WHAT YOU HAVE TO DO>
I need each line of the entries below that includes the string "with".
BEGIN DATA PROVIDED
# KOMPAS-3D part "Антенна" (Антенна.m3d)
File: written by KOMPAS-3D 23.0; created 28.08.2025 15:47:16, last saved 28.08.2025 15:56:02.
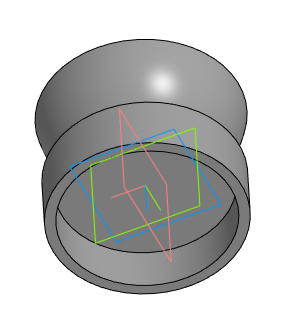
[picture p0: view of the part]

Document properties: Автор: Inspektor_Kot; Полное имя файла: I:\Autodesk Inventor Projects\ИМ-ИТ ЦД\Вариант 2\Колпак.m3d

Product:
- Part/product: Антенна
    Масса: 0.726017

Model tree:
1. Эскиз:1  (with: Элемент вращения:1)  (labels: I:\Autodesk Inventor Projects\ИМ-ИТ ЦД\Вариант 2\Спутник.a3d)
2. Элемент выдавливания:1  (with: Элемент вращения:1)  (labels: I:\Autodesk Inventor Projects\ИМ-ИТ ЦД\Вариант 2\Спутник.a3d)
     Расстояние 2 = 21
3. Эскиз:3  (with: Элемент выдавливания:1)
4. Элемент выдавливания:2
     Расстояние 1 = 5
5. Эскиз:4  (with: Элемент выдавливания:2)
6. Элемент вращения:2
     Угол 1 = 360

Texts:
  Угловой размер с обрывом
  Линейный размер с обрывом
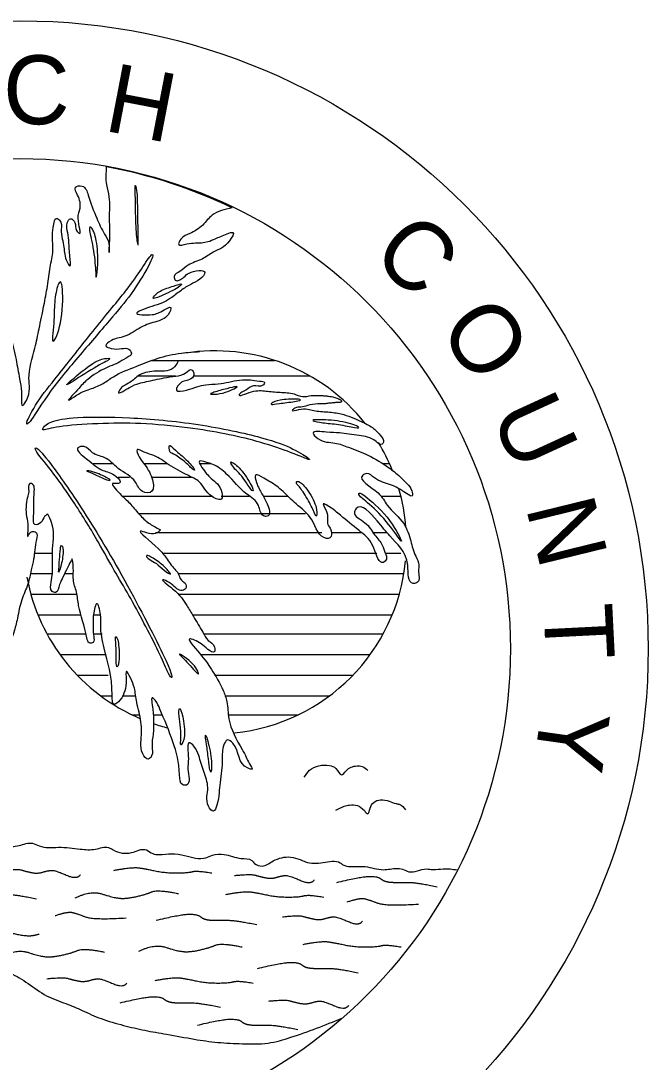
# Model space of a CAD drawing. Extents: x 801329 to 1085229, y 842463 to 1044570.
# Drawn here: x 938507 to 954829, y 915074 to 942158 of the extents above; entities that cross this region are included whole.
import ezdxf

# ---------------------------------------------------------------- set-up
doc = ezdxf.new("R2010")
doc.units = 0
doc.layers.add('Default', color=7, linetype='Continuous')

msp = doc.modelspace()

# ---------------------------------------------------------------- linework, layer by layer
at = {"layer": 'Default'}
for p, q in [((941919, 933328), (945109, 933328)), ((941564, 932925), (942530, 932925)), ((943012, 932925), (946020, 932925)), ((940388, 930643), (940893, 930643)), ((941726, 930643), (942313, 930643)), ((943146, 930643), (943460, 930643)), ((947923, 930643), (948100, 930643)), ((941043, 930286), (941330, 930286)), ((941917, 930286), (942949, 930286)), ((941166, 929793), (943487, 929793)), ((943722, 929793), (944447, 929793)), ((944835, 929793), (945451, 929793)), ((947889, 929793), (948394, 929793)), ((941576, 929346), (945915, 929346)), ((942013, 928854), (946337, 928854)), ((946590, 928854), (947366, 928854)), ((947653, 928854), (948041, 928854)), ((938868, 928317), (939323, 928317)), ((942217, 928317), (947771, 928317)), ((947990, 928317), (948395, 928317)), ((938757, 927780), (939316, 927780)), ((939644, 927780), (939869, 927780)), ((942613, 927780), (948474, 927780)), ((938768, 927243), (939965, 927243)), ((942600, 927243), (948354, 927243)), ((938953, 926706), (940074, 926706)), ((940395, 926706), (940565, 926706)), ((942974, 926706), (948169, 926706)), ((939187, 926214), (940197, 926214)), ((940401, 926214), (940622, 926214)), ((943283, 926214), (947935, 926214)), ((939525, 925678), (940702, 925678)), ((943191, 925678), (947597, 925678)), ((939973, 925141), (940782, 925141)), ((943545, 925141), (947148, 925141)), ((940582, 924604), (940873, 924604)), ((941147, 924604), (941501, 924604)), ((943819, 924604), (946539, 924604)), ((941392, 924112), (941593, 924112)), ((941958, 924112), (942186, 924112)), ((943899, 924112), (945729, 924112))]:
    msp.add_line(p, q, dxfattribs=at)
for radius in [16331, 12746]:
    msp.add_circle((938498, 925828), radius, dxfattribs=at)
for centre, radius, start, end in [((938456, 925819), 12746, 64.2352, 79.6894), ((943561, 928595), 4980, 38.42, 99.1431), ((943561, 928595), 4980, 22.2074, 31.4178), ((943561, 928595), 4980, 4.4987, 16.2458), ((943561, 928595), 4980, 275.8177, 354.498), ((943561, 928595), 4980, 190.4463, 247.1077), ((943561, 928595), 4980, 251.2399, 255.6912)]:
    msp.add_arc(centre, radius, start, end, dxfattribs=at)
for points in [[(934285, 935040), (934093, 935338), (933820, 935630), (933414, 935944), (933247, 936075), (933242, 936183), (933450, 936214), (933843, 936054), (934355, 935907), (934600, 935842), (934845, 935759), (934986, 935682), (935065, 935621), (935214, 935501), (935104, 935694), (934969, 935897), (934823, 936043), (934685, 936156), (934730, 936275), (934860, 936245), (935268, 936013), (935703, 935691), (936012, 935415), (936186, 935234), (936368, 935334), (936274, 935660), (936124, 935909), (936047, 936005), (935946, 936108), (936045, 936174), (936393, 935960), (936788, 935602), (937109, 935261), (937277, 935022), (937508, 934626), (937522, 934957), (937482, 935291), (937360, 935484), (937283, 935637), (937332, 935739), (937505, 935669), (937806, 935144), (938064, 934393), (938238, 933942), (938382, 933347), (938475, 932848), (938522, 932521), (938521, 932302), (938545, 932155), (938651, 932285), (938719, 932858), (938874, 933648), (938982, 934146), (939107, 934752), (939198, 935261), (939270, 935754), (939340, 936180), (939331, 936572), (939363, 936867), (939430, 937016), (939516, 936977), (939559, 936730), (939629, 936270), (939710, 935886), (939783, 935783), (939783, 936049), (939729, 936646), (939715, 936905), (939799, 937010), (939912, 936914), (939958, 936703), (940023, 936632), (939997, 937013), (940047, 937283), (939985, 937628), (939929, 937828), (940101, 937860), (940258, 937628), (940481, 937030), (940684, 936612), (940798, 936365), (940801, 936135), (940822, 936510), (940815, 937042), (940808, 937578), (940743, 937894), (940738, 938360)], [(944004, 937295), (943481, 937100), (943240, 936848), (942905, 936628), (942670, 936481), (942615, 936340), (942823, 936354), (943052, 936382), (943375, 936415), (943560, 936490), (943875, 936616), (944025, 936654), (943938, 936437), (943511, 936140), (943223, 935963), (942862, 935804), (942645, 935642), (942496, 935507), (942526, 935414), (942744, 935489), (942883, 935599), (943295, 935612), (943165, 935441), (942926, 935304), (942666, 935139), (942403, 934941), (942189, 934823), (941914, 934730), (941671, 934644), (941529, 934566), (941924, 934517), (942070, 934555), (942238, 934644), (942406, 934704), (942337, 934516), (942041, 934339), (941641, 934190), (941210, 933954), (941024, 933904), (940863, 933845), (940721, 933702), (940858, 933639), (941128, 933632), (941318, 933617), (941381, 933485), (941303, 933419), (941086, 933290), (940664, 933101), (940202, 932792), (939936, 932512), (939749, 932290), (939952, 932418), (940348, 932593), (940651, 932730), (940915, 932903), (941521, 933174), (942057, 933375), (942683, 933517), (943160, 933556)], [(942600, 933304), (942466, 933122), (941975, 933043), (941560, 932922), (941312, 932732), (941126, 932618), (941045, 932491), (941338, 932624), (941774, 932774), (942229, 932870), (942537, 932918), (942808, 933008), (942951, 933085), (942995, 933021), (943003, 932917), (942825, 932803), (942689, 932758), (942556, 932551), (942821, 932555), (943318, 932695), (943645, 932714), (943920, 932764), (944200, 932815), (944480, 932819), (944713, 932789), (944850, 932748), (944804, 932679), (944564, 932665), (944361, 932554), (944229, 932481), (944190, 932437), (944509, 932506), (944885, 932529), (945252, 932498), (945615, 932453), (945835, 932387), (946064, 932416)], [(946440, 932201), (946232, 932195), (945963, 932152), (945788, 932113), (945637, 932086), (945570, 932024), (945739, 932048), (946134, 932021), (946493, 931986), (946842, 931934), (947361, 931736), (947654, 931578), (947854, 931386), (947942, 931197), (947904, 931146), (947748, 931219), (947308, 931372), (946794, 931440), (946457, 931461), (946112, 931438), (946236, 931292), (946679, 931176), (947032, 931066), (947548, 930857), (948076, 930540), (948374, 930300), (948552, 930122), (948680, 929937), (948689, 929804), (948537, 929867), (948125, 930091), (947710, 930269), (947501, 930385), (947401, 930340), (947801, 929878), (948042, 929561), (948468, 929082), (948650, 928631), (948781, 928233), (948866, 928008), (948854, 927857), (948829, 927558), (948718, 927524), (948572, 928004), (948107, 928760), (947778, 929155), (947232, 929471), (947190, 929388), (947460, 929104), (947715, 928784), (947912, 928520), (947986, 928316), (948017, 928155), (947939, 928074), (947694, 928445), (947355, 928861), (946887, 929243), (946590, 929480), (946373, 929596), (946462, 929396), (946498, 929055), (946572, 928923), (946546, 928710), (946460, 928698), (946077, 929178), (945670, 929594), (945328, 929913), (944998, 930167), (944828, 930262), (944619, 930346), (944636, 930152), (944780, 929855), (944890, 929644), (944964, 929455), (944945, 929282), (944819, 929287), (944690, 929552), (944385, 929850), (943861, 930371), (943503, 930622), (943323, 930680), (943154, 930707), (943220, 930542), (943461, 930258), (943621, 930113), (943735, 929887), (943730, 929725), (943481, 929787), (943150, 930167), (942853, 930339), (942358, 930610)], [(946440, 932201), (946232, 932195), (945963, 932152), (945788, 932113), (945637, 932086), (945570, 932024), (945739, 932048), (946134, 932021), (946493, 931986), (946842, 931934), (947361, 931736), (947654, 931578), (947854, 931386), (947942, 931197), (947904, 931146), (947748, 931219), (947308, 931372), (946794, 931440), (946457, 931461), (946112, 931438), (946236, 931292), (946679, 931176), (947032, 931066), (947548, 930857), (948076, 930540), (948374, 930300), (948552, 930122), (948680, 929937), (948689, 929804), (948537, 929867), (948125, 930091), (947710, 930269), (947501, 930385), (947401, 930340), (947801, 929878), (948042, 929561), (948468, 929082), (948650, 928631), (948781, 928233), (948866, 928008), (948854, 927857), (948829, 927558), (948718, 927524), (948572, 928004), (948107, 928760), (947778, 929155), (947232, 929471), (947190, 929388), (947460, 929104), (947715, 928784), (947912, 928520), (947986, 928316), (948017, 928155), (947939, 928074), (947694, 928445), (947355, 928861), (946887, 929243), (946590, 929480), (946373, 929596), (946462, 929396), (946498, 929055), (946572, 928923), (946546, 928710), (946460, 928698), (946077, 929178), (945670, 929594), (945328, 929913), (944998, 930167), (944828, 930262), (944619, 930346), (944636, 930152), (944780, 929855), (944890, 929644), (944964, 929455), (944945, 929282), (944819, 929287), (944690, 929552), (944385, 929850), (943861, 930371), (943503, 930622), (943323, 930680), (943154, 930707), (943220, 930542), (943461, 930258), (943621, 930113), (943735, 929887), (943730, 929725), (943481, 929787), (943150, 930167), (942853, 930339), (942358, 930610)], [(942358, 930610), (941971, 930849), (941719, 930943), (941535, 931005), (941587, 930815), (941737, 930608), (941932, 930222), (941956, 930047), (941918, 929927), (941671, 929917), (941488, 930162), (941038, 930519), (940676, 930802), (940369, 930924), (940155, 931087), (939994, 931049), (940217, 930767), (940641, 930467), (940991, 930307), (941086, 930146), (940965, 930123), (940907, 930129), (941079, 929865), (941370, 929578), (941618, 929290), (941868, 929074), (942143, 928923)], [(942358, 930610), (941971, 930849), (941719, 930943), (941535, 931005), (941587, 930815), (941737, 930608), (941932, 930222), (941956, 930047), (941918, 929927), (941671, 929917), (941488, 930162), (941038, 930519), (940676, 930802), (940369, 930924), (940155, 931087), (939994, 931049), (940217, 930767), (940641, 930467), (940991, 930307), (941086, 930146), (940965, 930123), (940907, 930129), (941079, 929865), (941370, 929578), (941618, 929290), (941868, 929074), (942143, 928923)], [(939209, 929329), (939127, 929267), (939029, 929111), (938868, 929055), (938840, 929274), (938851, 929828), (938783, 930122), (938743, 930121), (938713, 929919), (938679, 929764), (938657, 929267), (938693, 928977), (938689, 928746), (938766, 928862), (938906, 928850), (938912, 928670), (938840, 928159), (938779, 927877), (938690, 927509), (938531, 927100), (938418, 926620), (938323, 926248), (938177, 925869), (937979, 925323), (937859, 924925), (937680, 924322), (937506, 923867), (937264, 923450), (937039, 923054), (936856, 922786), (936799, 922497), (936733, 922338), (936221, 921903), (935730, 921299), (935295, 920797), (935029, 920527), (934728, 920239), (934600, 919899), (934443, 919515), (934391, 919122), (934430, 918839), (933627, 919026), (933318, 919072), (932919, 919138), (932567, 919166), (932358, 919185), (932337, 919197)], [(939845, 928165), (939726, 927948), (939603, 927687), (939516, 927499), (939411, 927292), (939321, 927320), (939300, 927560), (939332, 928428), (939360, 928781), (939309, 929107), (939209, 929329)], [(939845, 928165), (939726, 927948), (939603, 927687), (939516, 927499), (939411, 927292), (939321, 927320), (939300, 927560), (939332, 928428), (939360, 928781), (939309, 929107), (939209, 929329)], [(942143, 928923), (942011, 928821), (941623, 928887), (942081, 928433), (942289, 928191), (942511, 927896), (942588, 927807), (942687, 927607), (942782, 927529), (942791, 927389), (942669, 927340), (942539, 927411), (942369, 927548), (942195, 927622), (942457, 927384), (942825, 926954), (942997, 926668), (943122, 926454), (943243, 926255), (943382, 926044), (943549, 925870), (943540, 925744), (943374, 925810), (943197, 925955), (942901, 926085), (943153, 925710), (943467, 925290), (943769, 924744), (943866, 924450), (943918, 924008), (944266, 923204), (944372, 923004), (944457, 922836), (944523, 922696), (944423, 922717), (944019, 923373), (943882, 923454), (943790, 923330), (943749, 922949), (943695, 922351), (943663, 922080), (943610, 921763), (943518, 921600), (943391, 921731), (943370, 922217), (943268, 922633), (943134, 923052), (943005, 923294), (942900, 923383), (942865, 922969), (942855, 922695), (942813, 922281), (942720, 922287), (942637, 922545), (942465, 923402), (942127, 924257), (942002, 924486), (941937, 924553), (941941, 924258), (941960, 923910), (941949, 923614), (941921, 923287), (941910, 923038), (941828, 922958), (941679, 923093), (941633, 923387), (941633, 923927), (941522, 924432), (941460, 924806), (941356, 925070), (941253, 925242), (941249, 925026), (941210, 924734), (941084, 924488), (940931, 924381), (940885, 924614), (940675, 925842), (940585, 926449), (940581, 926715), (940477, 926997), (940421, 926856), (940386, 926511), (940402, 926147), (940386, 925993), (940289, 925980), (940227, 926109), (940011, 926951), (939953, 927303), (939873, 927622), (939874, 927849), (939845, 928165)], [(942143, 928923), (942011, 928821), (941623, 928887), (942081, 928433), (942289, 928191), (942511, 927896), (942588, 927807), (942687, 927607), (942782, 927529), (942791, 927389), (942669, 927340), (942539, 927411), (942369, 927548), (942195, 927622), (942457, 927384), (942825, 926954), (942997, 926668), (943122, 926454), (943243, 926255), (943382, 926044), (943549, 925870), (943540, 925744), (943374, 925810), (943197, 925955), (942901, 926085), (943153, 925710), (943467, 925290), (943769, 924744), (943866, 924450), (943918, 924008), (944266, 923204), (944372, 923004), (944457, 922836), (944523, 922696), (944423, 922717), (944019, 923373), (943882, 923454), (943790, 923330), (943749, 922949), (943695, 922351), (943663, 922080), (943610, 921763), (943518, 921600), (943391, 921731), (943370, 922217), (943268, 922633), (943134, 923052), (943005, 923294), (942900, 923383), (942865, 922969), (942855, 922695), (942813, 922281), (942720, 922287), (942637, 922545), (942465, 923402), (942127, 924257), (942002, 924486), (941937, 924553), (941941, 924258), (941960, 923910), (941949, 923614), (941921, 923287), (941910, 923038), (941828, 922958), (941679, 923093), (941633, 923387), (941633, 923927), (941522, 924432), (941460, 924806), (941356, 925070), (941253, 925242), (941249, 925026), (941210, 924734), (941084, 924488), (940931, 924381), (940885, 924614), (940675, 925842), (940585, 926449), (940581, 926715), (940477, 926997), (940421, 926856), (940386, 926511), (940402, 926147), (940386, 925993), (940289, 925980), (940227, 926109), (940011, 926951), (939953, 927303), (939873, 927622), (939874, 927849), (939845, 928165)], [(926047, 923062), (926568, 922940), (926962, 922729), (927346, 922454), (927604, 922220), (927887, 921954), (928127, 921659), (928379, 921360), (928624, 921047), (928850, 920734), (929467, 920170), (929859, 919830), (930460, 919479), (930974, 919261), (931311, 919225), (931711, 919270), (931992, 919216), (932594, 919161), (933577, 919052), (934177, 918770), (934963, 918709), (935445, 918604), (936195, 918338), (936993, 917982), (937593, 917684), (938228, 917394), (938698, 917120), (939172, 916803), (939681, 916598), (940107, 916420), (940594, 916207), (941181, 916032), (941729, 915903), (942301, 915802), (943020, 915672), (943628, 915590), (944271, 915553), (944938, 915572), (945535, 915721), (946859, 916216)], [(945879, 922485), (946020, 922667), (946263, 922785), (946536, 922789), (946702, 922712), (946847, 922545), (946972, 922654), (947100, 922746), (947254, 922781), (947387, 922768), (947535, 922662)], [(946705, 921629), (946919, 921729), (947059, 921760), (947263, 921748), (947444, 921618), (947535, 921536), (947594, 921677), (947689, 921830), (947868, 921901), (948087, 921860), (948271, 921798), (948354, 921781), (948517, 921640)], [(935360, 920835), (935769, 920818), (935956, 920730), (936060, 920775), (936251, 920869), (936371, 920873), (936602, 920739), (936767, 920763), (937028, 920835), (937295, 920759), (937486, 920712), (937729, 920805), (937937, 920736), (938261, 920683), (938465, 920711), (938813, 920769), (938986, 920700), (939485, 920663), (940053, 920617), (940448, 920615), (940788, 920655), (940911, 920593), (941386, 920524), (941579, 920591), (941776, 920594), (941939, 920499), (942104, 920473), (942434, 920495), (942769, 920446), (943322, 920392), (943490, 920459), (943795, 920478), (944234, 920376), (944514, 920319), (944587, 920244), (944786, 920175), (945075, 920308), (945525, 920408), (945774, 920343), (945911, 920287), (946371, 920269), (946816, 920260), (946888, 920211), (947086, 920163), (947463, 920161), (947941, 920081), (948117, 920098), (948440, 920092), (948603, 920029), (949057, 920100), (949230, 920085), (949492, 920103), (949858, 920077)]]:
    msp.add_spline(points, degree=3, dxfattribs=at)
for points, degree in [([(941562, 936370), (941558, 936289), (941527, 936350), (941481, 936952), (941481, 937716), (941457, 937901), (941550, 937855), (941550, 936837), (941566, 936451), (941562, 936370)], 3), ([(940473, 935513), (940462, 935471), (940462, 935517), (940416, 936188), (940254, 936813), (940346, 936813), (940485, 936512), (940531, 935772), (940485, 935556), (940473, 935513)], 3), ([(938675, 931751), (938633, 931636), (938725, 931651), (939211, 932485), (940114, 933549), (940948, 934522), (941434, 935100), (941944, 935957), (941967, 936188), (941643, 935702), (941319, 935216), (940462, 934197), (939489, 932947), (938980, 932346), (938718, 931867), (938675, 931751)], 3), ([(939335, 933974), (939343, 934074), (939374, 934290), (939374, 934846), (939466, 935355), (939605, 935448), (939605, 934336), (939327, 933688), (939327, 933873), (939335, 933974)], 3), ([(941959, 934969), (941936, 934931), (941967, 934915), (942592, 935193), (942754, 935355), (942500, 935262), (942106, 935147), (941982, 935008), (941959, 934969)], 3), ([(939783, 932774), (939667, 932670), (939698, 932670), (940462, 933179), (940925, 933387), (940693, 933387), (940392, 933295), (939898, 932878), (939783, 932774)], 3), ([(943495, 932446), (943434, 932446), (943403, 932461), (943796, 932577), (944097, 932647), (944167, 932647), (944028, 932577), (943773, 932461), (943557, 932446), (943495, 932446)], 3), ([(945035, 932180), (945008, 932183), (945024, 932230), (945301, 932323), (945903, 932323), (945672, 932253), (945186, 932207), (945062, 932176), (945035, 932180)], 3), ([(946064, 932416), (946487, 932421), (946836, 932313), (946863, 932233), (946702, 932233), (946434, 932201)], 2), ([(939096, 931578), (939065, 931535), (939049, 931489), (939489, 931628), (940670, 931697), (941735, 931697), (943055, 931559), (943935, 931397), (944746, 931211), (945602, 930910), (945973, 930748), (946089, 930725), (945626, 931026), (944931, 931304), (943125, 931697), (941272, 931859), (939860, 931859), (939235, 931744), (939127, 931620), (939096, 931578)], 3), ([(946112, 931759), (946081, 931775), (946158, 931790), (946830, 931767), (947385, 931582), (947246, 931559), (946760, 931674), (946343, 931697), (946143, 931744), (946112, 931759)], 3), ([(938933, 931034), (938871, 931077), (938822, 931040), (939377, 930375), (939876, 929672), (940579, 928525), (940931, 927859), (941319, 927230), (941708, 926509), (942115, 925714), (942337, 925196), (942429, 925029), (942485, 925159), (941282, 927526), (940098, 929505), (939192, 930781), (938994, 930991), (938933, 931034)], 3), ([(942384, 930960), (942399, 930918), (942430, 930934), (942777, 930702), (942986, 930471), (943078, 930447), (942824, 930748), (942500, 931003), (942338, 931188), (942368, 931003), (942384, 930960)], 3), ([(943978, 930640), (943997, 930602), (944074, 930494), (944213, 930378), (944375, 930147), (944537, 929892), (944584, 929961), (944259, 930494), (943958, 930725), (943958, 930679), (943978, 930640)], 3), ([(940228, 930445), (940211, 930455), (940242, 930471), (940497, 930389), (940670, 930320), (940902, 930193), (940705, 930216), (940346, 930413), (940246, 930436), (940228, 930445)], 3), ([(945680, 930123), (945687, 930100), (945718, 930100), (945973, 929730), (946158, 929336), (946205, 929221), (946228, 929498), (945950, 930031), (945672, 930239), (945672, 930146), (945680, 930123)], 3), ([(947300, 929861), (947297, 929838), (947328, 929776), (947814, 929406), (948346, 928711), (948485, 928503), (948092, 929267), (947351, 929915), (947304, 929884), (947300, 929861)], 3), ([(939559, 928513), (939543, 928513), (939543, 928451), (939506, 928137), (939506, 927878), (939469, 927767), (939562, 927970), (939636, 928451), (939574, 928513), (939559, 928513)], 3), ([(941779, 928220), (941763, 928248), (941800, 928284), (942170, 928044), (942374, 927822), (942429, 927748), (942300, 927804), (942078, 928026), (941893, 928118), (941794, 928192), (941779, 928220)], 3), ([(941045, 925970), (941023, 926102), (940949, 926213), (940986, 925917), (940986, 925603), (940986, 925288), (941079, 925418), (941066, 925837), (941045, 925970)], 3), ([(942648, 925664), (942627, 925689), (942614, 925714), (942892, 925529), (943077, 925325), (943151, 925159), (943095, 925177), (942910, 925399), (942744, 925566), (942670, 925640), (942648, 925664)], 3), ([(942633, 924274), (942614, 924265), (942614, 924067), (942670, 923790), (942670, 923402), (942651, 923272), (942799, 923494), (942725, 924123), (942651, 924283), (942633, 924274)], 3), ([(943308, 923537), (943311, 923494), (943336, 923383), (943391, 922939), (943428, 922643), (943465, 922569), (943484, 922995), (943317, 923642), (943305, 923580), (943308, 923537)], 3), ([(937977, 920063), (938402, 920108), (938626, 920040), (938939, 919973), (939230, 920063), (939409, 920063), (939968, 919817), (940058, 919951)], 2), ([(940930, 920063), (941400, 920152), (941735, 920108), (942250, 919996), (942854, 919996), (943077, 920063), (943480, 919996)], 2), ([(944062, 919929), (944487, 919973), (944710, 919906), (945024, 919839), (945314, 919929), (945493, 919929), (946052, 919683), (946142, 919817)], 2), ([(946724, 919750), (947372, 919906), (947797, 919906), (947931, 919794), (948110, 919750), (948423, 919750), (948781, 919750), (949341, 919638)], 2), ([(936300, 919437), (936949, 919593), (937374, 919593), (937508, 919481), (937687, 919437), (938000, 919437), (938358, 919437), (938917, 919325)], 2), ([(939924, 919347), (940326, 919548), (940930, 919347), (941266, 919325), (941758, 919437), (942071, 919571), (942608, 919459)], 2), ([(943838, 919437), (944308, 919526), (944643, 919481), (945158, 919369), (945762, 919369), (945985, 919437), (946388, 919369)], 2), ([(947001, 919243), (947338, 919355), (947562, 919299), (948011, 919130), (948853, 919186)], 2), ([(939396, 918885), (939733, 918997), (939957, 918941), (940406, 918772), (941248, 918828)], 2), ([(942026, 918765), (942675, 918922), (943100, 918922), (943234, 918810), (943413, 918765), (943726, 918765), (944084, 918765), (944643, 918654)], 2), ([(945314, 918855), (945739, 918900), (945963, 918833), (946276, 918765), (946567, 918855), (946746, 918855), (947305, 918609), (947395, 918743)], 2), ([(936277, 918542), (936814, 918564), (936926, 918452), (937306, 918385), (937396, 918408), (937888, 918542), (938335, 918408), (938783, 918340), (938984, 918408)], 2), ([(945851, 918139), (946321, 918229), (946656, 918184), (947171, 918072), (947775, 918072), (947999, 918139), (948401, 918072)], 2), ([(938000, 917826), (938402, 918027), (939006, 917826), (939342, 917804), (939834, 917915), (940147, 918049), (940684, 917938)], 2), ([(941579, 917960), (941981, 918161), (942585, 917960), (942921, 917938), (943413, 918049), (943726, 918184), (944263, 918072)], 2), ([(944666, 917513), (945314, 917669), (945739, 917669), (945874, 917557), (946052, 917513), (946366, 917513), (946724, 917513), (947283, 917401)], 2), ([(939185, 917244), (939610, 917289), (939834, 917222), (940147, 917155), (940438, 917244), (940617, 917244), (941176, 916998), (941266, 917133)], 2), ([(942004, 917200), (942474, 917289), (942809, 917244), (943324, 917133), (943928, 917133), (944151, 917200), (944554, 917133)], 2), ([(941087, 916618), (941735, 916775), (942160, 916775), (942295, 916663), (942474, 916618), (942787, 916618), (943145, 916618), (943704, 916506)], 2), ([(944956, 916663), (945381, 916707), (945605, 916640), (945918, 916573), (946209, 916663), (946388, 916663), (946947, 916417), (947037, 916551)], 2), ([(943100, 916036), (943749, 916193), (944174, 916193), (944308, 916081), (944487, 916036), (944800, 916036), (945158, 916036), (945717, 915925)], 2)]:
    msp.add_open_spline(points, degree=degree, dxfattribs=at)

# ---------------------------------------------------------------- texts
for s, rotation, p in [('C', 0.0002, (938046, 939469)), ('H', 349.1091, (940632, 939309)), ('C', 316.4358, (947572, 936024)), ('O', 305.5448, (949335, 934126)), ('U', 294.6537, (950711, 931922)), ('N', 283.7626, (951641, 929512)), ('T', 272.8715, (952100, 926955)), ('Y', 261.9804, (952068, 924364))]:
    msp.add_text(s, height=1792, rotation=rotation, dxfattribs=at).set_placement(p)

doc.saveas('drawing.dxf')
END DATA PROVIDED
TASK RESULT>
1. Эскиз:1  (with: Элемент вращения:1)  (labels: I:\Autodesk Inventor Projects\ИМ-ИТ ЦД\Вариант 2\Спутник.a3d)
2. Элемент выдавливания:1  (with: Элемент вращения:1)  (labels: I:\Autodesk Inventor Projects\ИМ-ИТ ЦД\Вариант 2\Спутник.a3d)
3. Эскиз:3  (with: Элемент выдавливания:1)
5. Эскиз:4  (with: Элемент выдавливания:2)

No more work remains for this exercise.